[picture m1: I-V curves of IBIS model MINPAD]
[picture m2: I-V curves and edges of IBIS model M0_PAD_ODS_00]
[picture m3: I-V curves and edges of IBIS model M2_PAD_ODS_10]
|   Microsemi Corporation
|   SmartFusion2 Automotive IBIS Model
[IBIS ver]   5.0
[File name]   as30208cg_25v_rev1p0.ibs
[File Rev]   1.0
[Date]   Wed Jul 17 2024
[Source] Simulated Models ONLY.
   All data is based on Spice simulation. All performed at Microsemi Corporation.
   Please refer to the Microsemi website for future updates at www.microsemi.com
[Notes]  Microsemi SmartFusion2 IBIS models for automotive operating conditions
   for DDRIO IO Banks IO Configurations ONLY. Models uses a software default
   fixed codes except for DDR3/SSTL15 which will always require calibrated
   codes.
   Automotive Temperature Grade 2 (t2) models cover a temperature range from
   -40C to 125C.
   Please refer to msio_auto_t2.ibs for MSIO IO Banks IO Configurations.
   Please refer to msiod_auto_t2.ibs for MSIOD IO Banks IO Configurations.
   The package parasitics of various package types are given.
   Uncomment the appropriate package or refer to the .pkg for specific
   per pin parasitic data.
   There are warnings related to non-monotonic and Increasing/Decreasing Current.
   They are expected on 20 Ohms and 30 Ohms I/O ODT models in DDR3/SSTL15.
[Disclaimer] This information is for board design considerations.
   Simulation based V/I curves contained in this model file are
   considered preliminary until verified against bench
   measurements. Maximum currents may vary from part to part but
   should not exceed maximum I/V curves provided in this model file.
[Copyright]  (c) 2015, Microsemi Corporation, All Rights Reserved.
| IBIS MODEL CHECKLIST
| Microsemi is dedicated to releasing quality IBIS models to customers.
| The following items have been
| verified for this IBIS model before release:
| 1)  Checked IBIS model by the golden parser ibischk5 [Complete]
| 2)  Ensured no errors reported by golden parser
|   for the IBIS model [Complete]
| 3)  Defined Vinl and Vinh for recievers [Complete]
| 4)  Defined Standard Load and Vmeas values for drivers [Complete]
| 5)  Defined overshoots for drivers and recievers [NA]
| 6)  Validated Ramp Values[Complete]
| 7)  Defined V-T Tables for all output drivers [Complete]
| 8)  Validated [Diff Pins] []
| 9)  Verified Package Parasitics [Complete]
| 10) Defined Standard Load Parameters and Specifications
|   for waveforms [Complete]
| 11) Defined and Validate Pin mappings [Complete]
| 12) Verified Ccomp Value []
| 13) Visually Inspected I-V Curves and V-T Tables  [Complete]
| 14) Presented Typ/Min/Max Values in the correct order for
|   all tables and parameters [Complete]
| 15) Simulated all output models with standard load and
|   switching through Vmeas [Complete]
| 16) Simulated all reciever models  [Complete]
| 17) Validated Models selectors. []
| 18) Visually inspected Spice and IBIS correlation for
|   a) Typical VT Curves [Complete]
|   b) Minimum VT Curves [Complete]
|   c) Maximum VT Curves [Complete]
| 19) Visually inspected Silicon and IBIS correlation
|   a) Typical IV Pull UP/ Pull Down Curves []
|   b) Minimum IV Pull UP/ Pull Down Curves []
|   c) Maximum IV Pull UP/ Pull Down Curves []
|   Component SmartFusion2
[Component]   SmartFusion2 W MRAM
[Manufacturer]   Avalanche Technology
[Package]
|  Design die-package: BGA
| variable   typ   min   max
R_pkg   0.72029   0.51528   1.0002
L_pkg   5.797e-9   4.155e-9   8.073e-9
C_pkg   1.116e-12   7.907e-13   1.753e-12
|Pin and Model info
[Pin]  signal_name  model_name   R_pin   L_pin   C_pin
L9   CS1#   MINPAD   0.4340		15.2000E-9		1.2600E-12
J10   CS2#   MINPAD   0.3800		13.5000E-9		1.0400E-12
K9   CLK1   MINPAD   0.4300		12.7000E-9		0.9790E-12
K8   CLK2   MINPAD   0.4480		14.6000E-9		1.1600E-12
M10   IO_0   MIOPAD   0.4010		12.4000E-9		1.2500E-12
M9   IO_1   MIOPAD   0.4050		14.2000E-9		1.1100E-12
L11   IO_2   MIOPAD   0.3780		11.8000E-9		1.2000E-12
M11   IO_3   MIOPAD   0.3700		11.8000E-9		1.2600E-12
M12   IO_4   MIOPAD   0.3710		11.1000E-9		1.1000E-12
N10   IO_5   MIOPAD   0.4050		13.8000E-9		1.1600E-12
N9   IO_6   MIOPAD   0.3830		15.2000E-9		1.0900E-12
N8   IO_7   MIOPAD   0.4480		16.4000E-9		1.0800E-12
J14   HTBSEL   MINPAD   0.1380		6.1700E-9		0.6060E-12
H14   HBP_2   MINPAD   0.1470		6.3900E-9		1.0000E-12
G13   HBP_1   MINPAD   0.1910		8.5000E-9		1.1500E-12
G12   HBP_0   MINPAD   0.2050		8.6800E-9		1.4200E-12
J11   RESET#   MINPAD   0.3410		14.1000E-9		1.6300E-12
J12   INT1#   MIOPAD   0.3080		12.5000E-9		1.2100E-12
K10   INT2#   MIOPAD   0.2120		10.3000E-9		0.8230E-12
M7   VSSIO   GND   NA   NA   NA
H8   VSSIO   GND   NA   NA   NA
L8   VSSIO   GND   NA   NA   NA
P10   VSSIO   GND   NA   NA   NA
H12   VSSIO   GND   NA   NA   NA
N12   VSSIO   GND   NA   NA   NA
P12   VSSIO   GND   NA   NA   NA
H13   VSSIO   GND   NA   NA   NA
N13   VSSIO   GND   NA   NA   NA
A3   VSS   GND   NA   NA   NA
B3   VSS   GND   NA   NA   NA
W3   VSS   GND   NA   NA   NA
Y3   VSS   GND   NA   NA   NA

— HOW TO COMPLETE THIS TASK —
Print the listing exactly. Every line must match.

— SOLUTION TO THIS TASK —
[picture m1: I-V curves of IBIS model MINPAD]
[picture m2: I-V curves and edges of IBIS model M0_PAD_ODS_00]
[picture m3: I-V curves and edges of IBIS model M2_PAD_ODS_10]
|   Microsemi Corporation
|   SmartFusion2 Automotive IBIS Model
[IBIS ver]   5.0
[File name]   as30208cg_25v_rev1p0.ibs
[File Rev]   1.0
[Date]   Wed Jul 17 2024
[Source] Simulated Models ONLY.
   All data is based on Spice simulation. All performed at Microsemi Corporation.
   Please refer to the Microsemi website for future updates at www.microsemi.com
[Notes]  Microsemi SmartFusion2 IBIS models for automotive operating conditions
   for DDRIO IO Banks IO Configurations ONLY. Models uses a software default
   fixed codes except for DDR3/SSTL15 which will always require calibrated
   codes.
   Automotive Temperature Grade 2 (t2) models cover a temperature range from
   -40C to 125C.
   Please refer to msio_auto_t2.ibs for MSIO IO Banks IO Configurations.
   Please refer to msiod_auto_t2.ibs for MSIOD IO Banks IO Configurations.
   The package parasitics of various package types are given.
   Uncomment the appropriate package or refer to the .pkg for specific
   per pin parasitic data.
   There are warnings related to non-monotonic and Increasing/Decreasing Current.
   They are expected on 20 Ohms and 30 Ohms I/O ODT models in DDR3/SSTL15.
[Disclaimer] This information is for board design considerations.
   Simulation based V/I curves contained in this model file are
   considered preliminary until verified against bench
   measurements. Maximum currents may vary from part to part but
   should not exceed maximum I/V curves provided in this model file.
[Copyright]  (c) 2015, Microsemi Corporation, All Rights Reserved.
| IBIS MODEL CHECKLIST
| Microsemi is dedicated to releasing quality IBIS models to customers.
| The following items have been
| verified for this IBIS model before release:
| 1)  Checked IBIS model by the golden parser ibischk5 [Complete]
| 2)  Ensured no errors reported by golden parser
|   for the IBIS model [Complete]
| 3)  Defined Vinl and Vinh for recievers [Complete]
| 4)  Defined Standard Load and Vmeas values for drivers [Complete]
| 5)  Defined overshoots for drivers and recievers [NA]
| 6)  Validated Ramp Values[Complete]
| 7)  Defined V-T Tables for all output drivers [Complete]
| 8)  Validated [Diff Pins] []
| 9)  Verified Package Parasitics [Complete]
| 10) Defined Standard Load Parameters and Specifications
|   for waveforms [Complete]
| 11) Defined and Validate Pin mappings [Complete]
| 12) Verified Ccomp Value []
| 13) Visually Inspected I-V Curves and V-T Tables  [Complete]
| 14) Presented Typ/Min/Max Values in the correct order for
|   all tables and parameters [Complete]
| 15) Simulated all output models with standard load and
|   switching through Vmeas [Complete]
| 16) Simulated all reciever models  [Complete]
| 17) Validated Models selectors. []
| 18) Visually inspected Spice and IBIS correlation for
|   a) Typical VT Curves [Complete]
|   b) Minimum VT Curves [Complete]
|   c) Maximum VT Curves [Complete]
| 19) Visually inspected Silicon and IBIS correlation
|   a) Typical IV Pull UP/ Pull Down Curves []
|   b) Minimum IV Pull UP/ Pull Down Curves []
|   c) Maximum IV Pull UP/ Pull Down Curves []
|   Component SmartFusion2
[Component]   SmartFusion2 W MRAM
[Manufacturer]   Avalanche Technology
[Package]
|  Design die-package: BGA
| variable   typ   min   max
R_pkg   0.72029   0.51528   1.0002
L_pkg   5.797e-9   4.155e-9   8.073e-9
C_pkg   1.116e-12   7.907e-13   1.753e-12
|Pin and Model info
[Pin]  signal_name  model_name   R_pin   L_pin   C_pin
L9   CS1#   MINPAD   0.4340		15.2000E-9		1.2600E-12
J10   CS2#   MINPAD   0.3800		13.5000E-9		1.0400E-12
K9   CLK1   MINPAD   0.4300		12.7000E-9		0.9790E-12
K8   CLK2   MINPAD   0.4480		14.6000E-9		1.1600E-12
M10   IO_0   MIOPAD   0.4010		12.4000E-9		1.2500E-12
M9   IO_1   MIOPAD   0.4050		14.2000E-9		1.1100E-12
L11   IO_2   MIOPAD   0.3780		11.8000E-9		1.2000E-12
M11   IO_3   MIOPAD   0.3700		11.8000E-9		1.2600E-12
M12   IO_4   MIOPAD   0.3710		11.1000E-9		1.1000E-12
N10   IO_5   MIOPAD   0.4050		13.8000E-9		1.1600E-12
N9   IO_6   MIOPAD   0.3830		15.2000E-9		1.0900E-12
N8   IO_7   MIOPAD   0.4480		16.4000E-9		1.0800E-12
J14   HTBSEL   MINPAD   0.1380		6.1700E-9		0.6060E-12
H14   HBP_2   MINPAD   0.1470		6.3900E-9		1.0000E-12
G13   HBP_1   MINPAD   0.1910		8.5000E-9		1.1500E-12
G12   HBP_0   MINPAD   0.2050		8.6800E-9		1.4200E-12
J11   RESET#   MINPAD   0.3410		14.1000E-9		1.6300E-12
J12   INT1#   MIOPAD   0.3080		12.5000E-9		1.2100E-12
K10   INT2#   MIOPAD   0.2120		10.3000E-9		0.8230E-12
M7   VSSIO   GND   NA   NA   NA
H8   VSSIO   GND   NA   NA   NA
L8   VSSIO   GND   NA   NA   NA
P10   VSSIO   GND   NA   NA   NA
H12   VSSIO   GND   NA   NA   NA
N12   VSSIO   GND   NA   NA   NA
P12   VSSIO   GND   NA   NA   NA
H13   VSSIO   GND   NA   NA   NA
N13   VSSIO   GND   NA   NA   NA
A3   VSS   GND   NA   NA   NA
B3   VSS   GND   NA   NA   NA
W3   VSS   GND   NA   NA   NA
Y3   VSS   GND   NA   NA   NA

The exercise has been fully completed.